Eu não era o tipo de pessoa que viajaria 640
quilômetros em busca da ervilha perfeita. Porém, em busca da primavera, parti
com Jean-Claude Ribaut, crítico de gastronomia do jornal francês Le Monde, em
uma viagem de um dia para Paris, mais especificamente ao restaurante e hotel
L'Oustau de Baumanière, avaliado com duas estrelas pelo guia Michelin, ao pé da
colina onde fica o povoado medieval de Les Baux-de-Provence. No automóvel desde
a estação de trem de Avignon, passamos em frente ao mausoléu e arco do triunfo
galo-romano perto de St.-Rémy-de-Provence. Cortamos caminho por mares de
oliveiras e subimos e descemos colinas estreitas e sinuosas de rochas calcificadas
até o nosso destino.
Há muito tempo, quando o fundador e chef de cozinha do
L'Oustau, Raymond Thuilier, estava vivo, o restaurante tinha três estrelas.

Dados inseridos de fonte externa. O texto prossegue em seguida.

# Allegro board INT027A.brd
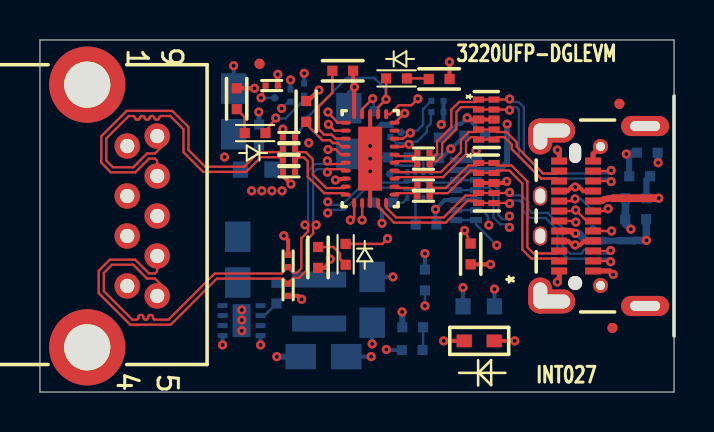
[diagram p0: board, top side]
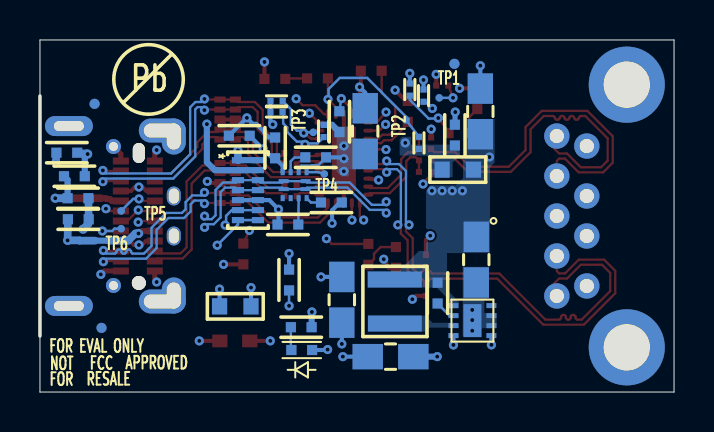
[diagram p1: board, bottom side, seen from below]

Outline 31.74 x 17.61 mm; copper layers: TOP, L2_GND, L3_PWR, L4_PWR, L5_GND, BOTTOM. Coordinates in mm from the lower left corner of the outline.
Outline path: 0,17.61 0,0 31.74,0 31.74,17.61 0,17.61

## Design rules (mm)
net group DIFFPAIR0: nets USB2_N0 USB2_P0
net group DIFFPAIR1: nets CTX1N CTX1P
net group DIFFPAIR2: nets CRX2N CRX2P
net group DIFFPAIR3: nets CTX2N CTX2P
net group DIFFPAIR4: nets CRX1N CRX1P
net group DIFFPAIR5: nets USB3_RX0N USB3_RX0P
net group DIFFPAIR6: nets USB3_TX0N USB3_TX0P
net group DIFFPAIR7: nets CTX2N_C CTX2P_C
net group DIFFPAIR8: nets CTX1N_C CTX1P_C
net group DP1: nets USB3_RX0N_C USB3_RX0P_C

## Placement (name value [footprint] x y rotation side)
C1  0.5uF  [0201]  12.47 12.16 0 top
C2  0.5uF  [0201]  19.2 11.96 0 top
C3  0.5uF  [0201]  12.46 11.59 0 top
C4  0.5uF  [0201]  19.2 11.4 0 top
C5  0.5uF  [0201]  19.2 10.36 0 top
C6  0.5uF  [0201]  19.2 9.8 0 top
C7  22uF  [0805]  9.7 14.04 90 bottom
C8  47uF  [0805]  15.46 13.05 270 bottom
C9  0.1uF  [0402]  10.97 12.85 90 bottom
C10  0.1uF  [0402]  21.77 12.82 0 bottom
C11  0.01uF  [0402]  19.97 12.21 90 bottom
C12  0.1uF  [0402]  17.94 11.74 180 bottom
C13  0.1uF  [0402]  19.33 8.38 0 bottom
C14  10uF  [0805]  9.9 6.62 270 bottom
C15  10uF  [0805]  16.63 4.62 90 bottom
C16  NC, 10uF  [0603]  21.97 4.28 0 bottom
C17  10uF  [0805]  14.19 1.77 0 bottom
D1  LED RED 0402  [LED_0402]  17.85 15.69 0 top
D2  LED YLW 0402  [LED_0402]  10.77 12.96 180 top
D3  LED Orange 0402  [LED_0402]  15.3 6.89 270 top
D4  ESD5Z6.0T1G  [SOD_523]  21.99 2.56 180 top
D5  LED Green  [LED_0402]  18.64 2.1 180 bottom
FB1  220 @ 100MHZ  [0603]  10.83 11.13 0 bottom
J1  USB3_TypeA_Connector  [USB3_TYPEA]  5.87 8.81 270 top
J2  TypeC_Receptacle_DualSMT_TOP  [USB_TYPEC_UT1211]  26.79 8.81 90 top
L1  1uH  [IND_NR3015]  13.98 4.53 90 bottom
NOREF  -  []  0 0 0 top
NOREF#2  -  []  -8.44 36.96 0 top
NOREF#3  -  []  46.18 36.96 0 top
NOREF#4  -  []  31.74 0 0 top
NOREF#5  -  []  -8.73 -17.08 0 top
NOREF#6  -  []  0 0 0 top
NOREF#7  -  [unnamed#2]  10.99 16.42 0 top
NOREF#8  -  [unnamed#2]  28.66 3.21 0 top
NOREF#9  -  [unnamed#2]  29.01 14.42 0 top
NOREF#10  -  []  0 17.61 0 top
NOREF#11  -  []  -67.49 -63.26 0 top
NOREF#12  -  []  69.68 -27.35 0 top
NOREF#13  -  [unnamed#2]  29.01 14.42 180 bottom
NOREF#14  -  [unnamed#2]  28.66 3.21 180 bottom
NOREF#15  -  [unnamed#2]  11 16.42 180 bottom
R1  NC, 10K  [0402]  15.16 16.07 0 top
R2  500R  [0402]  19.98 15.66 180 top
R3  200K  [0201]  11.6 15.33 180 top
R4  500R  [0402]  9.85 14.67 270 top
R5  4.7K  [0402]  13.33 14.04 90 top
R6  100K  [0201]  12.46 12.73 180 top
R7  100K  [0201]  12.47 11.02 180 top
R8  900K  [0402]  21.56 6.91 270 top
R9  500R  [0402]  13.92 6.73 90 top
R10  100K  [0201]  12.42 6.56 90 top
R11  100K  [0201]  12.42 5.12 270 top
R12  200K  [0201]  13.23 15.13 270 bottom
R13  200K  [0201]  12.54 14.83 270 bottom
R14  200K  [0201]  19.9 14.56 180 bottom
R15  NC, 10K  [0201]  19.9 14.01 180 bottom
R16  0  [0402]  16.75 13.53 90 bottom
R17  NC, 10K  [0201]  17.55 13.06 90 bottom
R18  200K  [0201]  12.77 12.46 90 bottom
R19  0  [0402]  30.4 11.97 180 bottom
R20  NC, 0  [0402]  30.02 10.79 180 bottom
R21  0  [0402]  29.84 9.7 180 bottom
R22  1.6K  [0402]  17.16 9.48 180 bottom
R23  NC, 0  [0402]  29.82 8.64 180 bottom
R24  0  [0402]  19.27 5.61 270 bottom
R25  178K  [0402]  11.84 4.95 90 bottom
R26  330  [0402]  18.66 3.24 180 bottom
TP1  15-mil TEST PAD  [15_MIL_ROUND_PROBE_POINT]  11.76 14.72 180 bottom
TP2  15-mil TEST PAD  [15_MIL_ROUND_PROBE_POINT]  13.42 13.61 90 bottom
TP3  15-mil TEST PAD  [15_MIL_ROUND_PROBE_POINT]  18.07 12.99 90 bottom
TP4  15-mil TEST PAD  [15_MIL_ROUND_PROBE_POINT]  17.51 10.91 0 bottom
TP5  15-mil TEST PAD  [15_MIL_ROUND_PROBE_POINT]  27.68 9.06 90 bottom
TP6  15-mil TEST PAD  [15_MIL_ROUND_PROBE_POINT]  27.68 8.17 90 bottom
U1  HD3SS3220  [RNH_QFN-30]  16.53 11.68 0 top
U2  TPD4E05U06  [DQA]  22.35 13.63 270 top
U3  TPD4E05U06  [DQA]  22.35 10.46 270 top
U4  TUSB211RWB  [RWB]  18.99 10.35 180 bottom
U5  TPD6E05U06  [RVZ]  21.33 10.1 270 bottom
U6  TPS62082DSGT  [DSG]  10.09 3.57 0 bottom

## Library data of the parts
C1-C9 C15 = CAP NP
C10-C13 = cc0402
C14 C16 C17 = CAP
D1-D3 D5 = DIODE_0
D4 = DIODE TAZ
FB1 = FERRITE BEAD
J1 = USB3_TYPEA_CONNECTOR
J2 = USBTypeC_Receptacle_TOPMount_0
L1 = INDUCTOR
R1 R5 R8 = RESISTOR
R2 R4 R9 R16 R19-R21 R23 R24 R26 = R
R3 R6 R7 R10-R15 R17 R18 = R_2
R22 = r0402
R25 = RES
TP1-TP6 = TEST POINT
U1 = HD3SS3220_0
U2 U3 = TPD4E05U06
U4 = TUSB211RWB
U5 = TPD6E05U06
U6 = TPS62082_0

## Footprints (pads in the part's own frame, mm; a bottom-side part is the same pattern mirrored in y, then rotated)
15_MIL_ROUND_PROBE_POINT
  round 0.381 smd: 1(0,0)
0201
  rect 0.305x0.305 smd: 1(-0.305,0) 2(0.305,0)
0402
  rect 0.508x0.508 smd: 1(-0.521,0) 2(0.521,0)
0603
  rect 0.762x0.813 smd: 1(-0.787,0) 2(0.787,0)
0805
  rect 1.524x1.27 smd: 1(-1.143,0) 2(1.143,0)
DQA
  rect 0.305x0.559 smd: 1(-1,-0.385) 2(-0.5,-0.385) 4(0.5,-0.385) 5(1,-0.385) 6(1,0.385) 7(0.5,0.385) 9(-0.5,0.385) 10(-1,0.385)
  rect 0.406x0.559 smd: 3(0,-0.385) 8(0,0.385)
DSG
  rect 0.5x0.25 smd: 1(-0.95,0.75) 2(-0.95,0.25) 3(-0.95,-0.25) 4(-0.95,-0.75) 5(0.95,-0.75) 6(0.95,-0.25) 7(0.95,0.25) 8(0.95,0.75)
  rect 0.9x1.65 smd: 9(0,0)
IND_NR3015
  rect 0.8x2.7 smd: 1(-1.1,0) 2(1.1,0)
LED_0402
  rect 0.508x0.508 smd: 1(-0.521,0) 2(0.521,0)
RNH_QFN-30
  oval 0.5x0.2 smd: 1(-1.225,1.8) 2(-1.225,1.4) 3(-1.225,1) 4(-1.225,0.6) 5(-1.225,0.2) 6(-1.225,-0.2) 7(-1.225,-0.6) 8(-1.225,-1) 9(-1.225,-1.4) 10(-1.225,-1.8) 16(1.225,-1.8) 17(1.225,-1.4) 18(1.225,-1) 19(1.225,-0.6) 20(1.225,-0.2) 21(1.225,0.2) 22(1.225,0.6) 23(1.225,1) 24(1.225,1.4) 25(1.225,1.8)
  oval 0.2x0.5 smd: 11(-0.8,-2.225) 12(-0.4,-2.225) 13(0,-2.225) 14(0.4,-2.225) 15(0.8,-2.225) 26(0.8,2.225) 27(0.4,2.225) 28(0,2.225) 29(-0.4,2.225) 30(-0.8,2.225)
  rect 1.2x3.2 smd: 31(0,0)
RVZ
  rect 0.305x0.61 smd: 1(-1.5,-0.5) 2(-1,-0.5) 3(-0.5,-0.5) 4(0,-0.5) 5(0.5,-0.5) 6(1,-0.5) 7(1.5,-0.5) 8(1.5,0.5) 9(1,0.5) 10(0.5,0.5) 11(0,0.5) 12(-0.5,0.5) 13(-1,0.5) 14(-1.5,0.5)
RWB
  rect 0.5x0.2 smd: 1(-0.55,0.2) 2(-0.55,-0.2) 7(0.55,-0.2) 8(0.55,0.2)
  rect 0.2x0.3 smd: 3(-0.6,-0.65) 4(-0.2,-0.65) 5(0.2,-0.65) 6(0.6,-0.65) 9(0.6,0.65) 10(0.2,0.65) 11(-0.2,0.65) 12(-0.6,0.65)
SOD_523
  rect 0.762x0.635 smd: 1(0.75,0) 2(-0.75,0)
unnamed#2
  round 0.508 smd: 1(0,0)
USB3_TYPEA
  round 1.27 hole 0.711: 1(-3.5,-1.5) 2(-1,-1.5) 3(1,-1.5) 4(3.5,-1.5) 5(4,0) 6(2,0) 7(0,0) 8(-2,0) 9(-4,0)
  round 3.81 hole 2.311: 10(-6.57,-3.5) 11(6.57,-3.5)
USB_TYPEC_UT1211
  round 0.7 hole 0.7 unplated: (-3.35,0)
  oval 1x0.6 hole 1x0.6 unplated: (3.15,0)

Naquela época, pessoas como a rainha Elizabeth, Deng Xiaoping e Pablo Picasso
jantavam e dormiam ali. Jean-Andre Charial, neto de Thuilier e proprietário do
L'Oustau, mostrou-me fotografias antigas, inclusive as de um jovem e promissor
líder árabe chamado Saddam Hussein, que se hospedou lá por três dias em 1975.
Há fotos de Hussein e Jacques Chirac, então primeiro-ministro, conversando em
uma mesa no jardim do L'Oustau, e de Hussein com um terno trespassado com
listras largas sentado com Bernadette Chirac, a primeira-dama, em uma tourada
na vizinha Nimes. Ele sorri.
Mas voltemos às ervilhas. Ribaut havia me explicado que
estávamos no auge da temporada, e por isso teríamos que fazer uma peregrinação
de manhã bem cedo até a fonte. L'Oustau já tinha uma horta própria há 30 anos,
muito antes disso se tornar moda nos Estados Unidos. As ervilhas vão da horta,
de manhã, à mesa, na hora do almoço. As ervilhas têm um lugar especial na
cultura e culinária francesa. Elas foram uma das primeiras culturas alimentares
cultivadas, e Carlos Magno as plantava em suas hortas.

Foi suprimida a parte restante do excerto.